Goodlines / 0190874382
Hat jemand die URL?

Ich habe den Dialer inzwischen ausfindig gemacht. Es handelt sich um eine besonders hinterhältige .dll/.exe-Kombination, die die bestehende Verbindung unterbricht und sich sofort selbst wieder ins Netz einwählt, dafür aber die 0190-Nummer nimmt. Die DFÜ-Einstellungen bleiben unverändert.

Die .exe-Datei, die sich vom Netz im Hintergrund auf den Rechner lädt, installiert im Windows-Verzeichnis die Datei xdm.dll.
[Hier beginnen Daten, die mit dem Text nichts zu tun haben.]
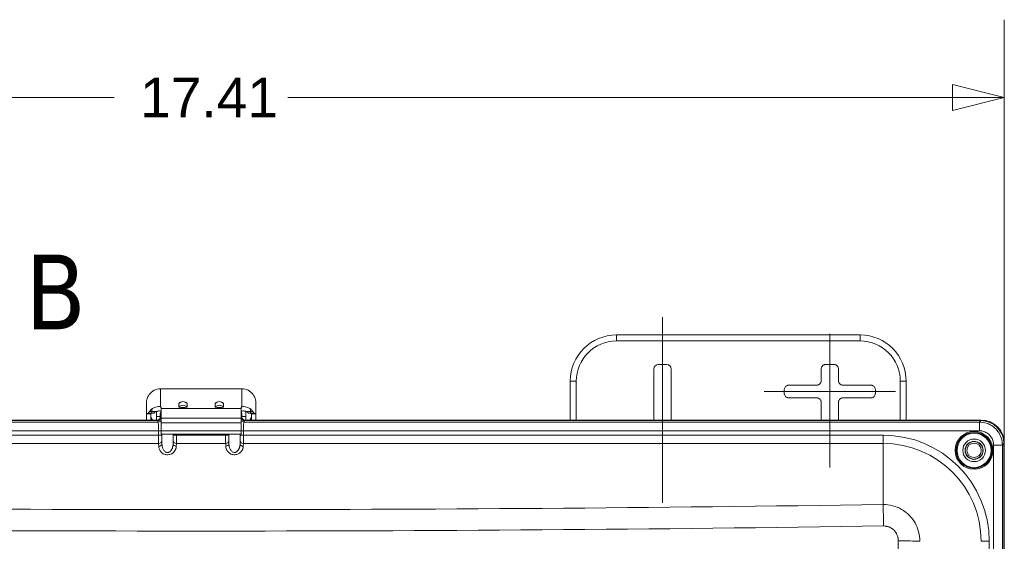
# Model space of a CAD drawing. Header units: inches. Extents: x 0 to 153, y 3 to 96.
# Tile 60 of 132: x 58.81 to 69.48, y 61.71 to 67.37. Entities that reach past the tile are written whole.
import ezdxf

# ---------------------------------------------------------------- set-up
doc = ezdxf.new("R2010")
doc.units = ezdxf.units.IN
doc.header["$LTSCALE"] = 4.5
doc.header["$MEASUREMENT"] = 0
doc.layers.add('Centerline (ANSI)', color=1, linetype='Continuous', lineweight=9, true_color=0xff0000)
for name, color, linetype, lineweight in [('Dimension (ANSI)', 7, 'Continuous', 9), ('Section Line (ANSI)', 7, 'Continuous', 25), ('Visible (ANSI)', 7, 'Continuous', 18), ('Visible Narrow (ANSI)', 7, 'Continuous', 5)]:
    doc.layers.add(name, color=color, linetype=linetype, lineweight=lineweight)
doc.styles.add('Label Text (ANSI)', font='tahoma.ttf')
doc.styles.add('Note Text (ANSI)', font='arial.ttf')
doc.dimstyles.new('.XX', dxfattribs={"dimscale": 4.5, "dimtxt": 0.095, "dimasz": 0.125, "dimexe": 0.1875, "dimexo": 0.0625, "dimgap": 0.0625, "dimtad": 0, "dimtih": 1, "dimtoh": 1, "dimrnd": 1e-08, "dimzin": 0, "dimdsep": 46, "dimtxsty": 'Note Text (ANSI)', "dimblk": 'Filled-1', "dimcen": 0.09, "dimdle": 0.45, "dimclrd": 256, "dimclre": 256, "dimclrt": 256, "dimadec": 0, "dimazin": 1, "dimtfac": 1.263158, "dimtofl": 0, "dimtmove": 0, "dimatfit": 3, "dimfxl": 1, "dimtolj": 1, "dimtzin": 4, "dimlwd": -1, "dimlwe": -1, "dimarcsym": 0})

# ---------------------------------------------------------------- blocks, each defined once
blk = doc.blocks.new('2dTransSection1')
at = {"layer": 'Section Line (ANSI)', "insert": (13.0829, 14.2249), "char_height": 0.18, "attachment_point": 7, "style": 'Label Text (ANSI)'}
blk.add_mtext('B', dxfattribs=at)
blk = doc.blocks.new('Filled-1')
at = {"color": 0}
for p, q in [((0, 0), (-1, 0.25)), ((-1, 0.25), (-1, -0.25)), ((-1, 0), (0, 0)), ((-1, -0.25), (0, 0))]:
    blk.add_line(p, q, dxfattribs=at)
at = {"color": 0, "flags": 128}
blk.add_lwpolyline([(-1, -0.25), (0, 0), (-1, 0.25), (-1, -0.25)], dxfattribs=at)
at = {"color": 0}
blk.add_solid([(-1, -0.25), (0, 0), (-1, 0.25), (-1, -0.25)], dxfattribs=at)
blk = doc.blocks.new('*D41')
at = {"layer": 'Defpoints', "color": 0, "transparency": 16777216}
for p in [(69.478, 66.523), (69.478, 45.04), (52.073, 42.013)]:
    blk.add_point(p, dxfattribs=at)
at = {"layer": 'Dimension (ANSI)', "transparency": 16777216}
for p, q in [((52.073, 42.294), (52.073, 67.367)), ((69.478, 45.322), (69.478, 67.367)), ((52.636, 66.523), (59.835, 66.523)), ((68.916, 66.523), (61.717, 66.523))]:
    blk.add_line(p, q, dxfattribs=at)
at = {"layer": 'Dimension (ANSI)', "transparency": 16777216, "xscale": 0.5625, "yscale": 0.5625, "zscale": 0.5625, "rotation": 180}
blk.add_blockref('Filled-1', (52.073, 66.523), dxfattribs=at)
at = {"layer": 'Dimension (ANSI)', "transparency": 16777216, "xscale": 0.5625, "yscale": 0.5625, "zscale": 0.5625}
blk.add_blockref('Filled-1', (69.478, 66.523), dxfattribs=at)
at = {"layer": 'Dimension (ANSI)', "transparency": 16777216, "insert": (60.116, 66.738), "char_height": 0.4275, "attachment_point": 1, "style": 'Note Text (ANSI)'}
blk.add_mtext('\\A1;17.41', dxfattribs=at)

msp = doc.modelspace()

# ---------------------------------------------------------------- linework, layer by layer
at = {"layer": 'Centerline (ANSI)', "linetype": 'Continuous'}
for p, q in [((65.7758, 64.1438), (65.7758, 62.1319)), ((67.5883, 62.5129), (67.5883, 63.9629)), ((68.3008, 63.3379), (66.8758, 63.3379))]:
    msp.add_line(p, q, dxfattribs=at)
at = {"layer": 'Visible (ANSI)'}
for p, q in [((67.9158, 63.9504), (65.2758, 63.9504)), ((65.682, 63.0279), (65.682, 63.5813)), ((65.732, 63.6313), (65.8195, 63.6313)), ((65.8695, 63.5813), (65.8695, 63.0279)), ((67.4948, 63.4563), (67.4948, 63.5814)), ((67.5448, 63.6313), (67.6317, 63.6313)), ((67.6817, 63.5814), (67.6817, 63.4563)), ((61.2188, 63.3675), (60.3361, 63.3675)), ((64.7758, 63.4504), (64.7758, 63.0279)), ((67.1448, 63.4063), (67.4448, 63.4063)), ((67.7317, 63.4063), (68.0317, 63.4063)), ((68.4158, 63.0279), (68.4158, 63.4504)), ((67.0948, 63.3194), (67.0948, 63.3564)), ((67.4448, 63.2694), (67.1448, 63.2694)), ((68.0317, 63.2694), (67.7317, 63.2694)), ((68.0817, 63.3564), (68.0817, 63.3194)), ((60.1861, 63.0984), (60.1861, 63.2203)), ((60.3443, 63.1675), (60.3443, 63.1532)), ((60.3443, 63.0486), (60.3443, 63.1532)), ((60.5366, 63.2087), (60.5366, 63.1699)), ((60.6246, 63.1699), (60.6246, 63.2087)), ((60.9303, 63.2087), (60.9303, 63.1699)), ((61.0183, 63.1699), (61.0183, 63.2087)), ((61.2105, 63.1675), (61.2105, 63.1532)), ((61.2105, 63.0486), (61.2105, 63.1532)), ((61.3688, 63.2203), (61.3688, 63.0984)), ((67.4948, 63.0279), (67.4948, 63.2194)), ((67.6817, 63.2194), (67.6817, 63.0279)), ((60.1861, 63.0967), (60.1861, 63.0984)), ((60.1861, 63.0279), (60.1861, 63.0967)), ((60.2331, 63.0967), (60.2331, 63.0984)), ((60.2331, 63.0279), (60.2331, 63.0967)), ((60.2504, 63.0279), (60.2405, 63.0442)), ((60.2943, 63.1223), (60.2943, 63.0681)), ((60.2943, 63.0681), (60.2943, 63.0279)), ((60.3333, 63.058), (60.3333, 63.0879)), ((60.3403, 63.124), (60.3403, 63.1172)), ((60.3404, 63.0577), (60.3404, 63.0826)), ((60.3443, 62.9992), (60.3443, 63.0486)), ((61.2105, 62.9992), (61.2105, 63.0486)), ((61.2112, 63.0826), (61.2112, 63.0577)), ((61.2146, 63.124), (61.2146, 63.1094)), ((61.2183, 63.0879), (61.2183, 63.058)), ((61.2606, 63.1223), (61.2606, 63.0681)), ((61.2606, 63.0681), (61.2606, 63.0279)), ((61.3044, 63.0279), (61.3144, 63.0442)), ((61.3218, 63.0967), (61.3218, 63.0984)), ((61.3218, 63.0967), (61.3218, 63.0279)), ((61.3688, 63.0967), (61.3688, 63.0984)), ((61.3688, 63.0967), (61.3688, 63.0279)), ((60.3033, 63.0279), (52.3223, 63.0279)), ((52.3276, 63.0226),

Dann unterbricht es die Online-Verbindung, wählt sich in Sekunden neu unter der 0190-Nummer ein (man merkt ggf. nicht einmal eine Unterbrechung der Internet-Verbindung) und löscht sich beim nächsten Windows-Start selbst von der Festplatte.

Inzwischen wird gegen den bekannten Nutznießer der Nummer von der Kripo ermittelt. Nur die Herkunfts-URL ist mir noch unklar. Die bräuchte ich aber für die Ermittlungen der Kripo.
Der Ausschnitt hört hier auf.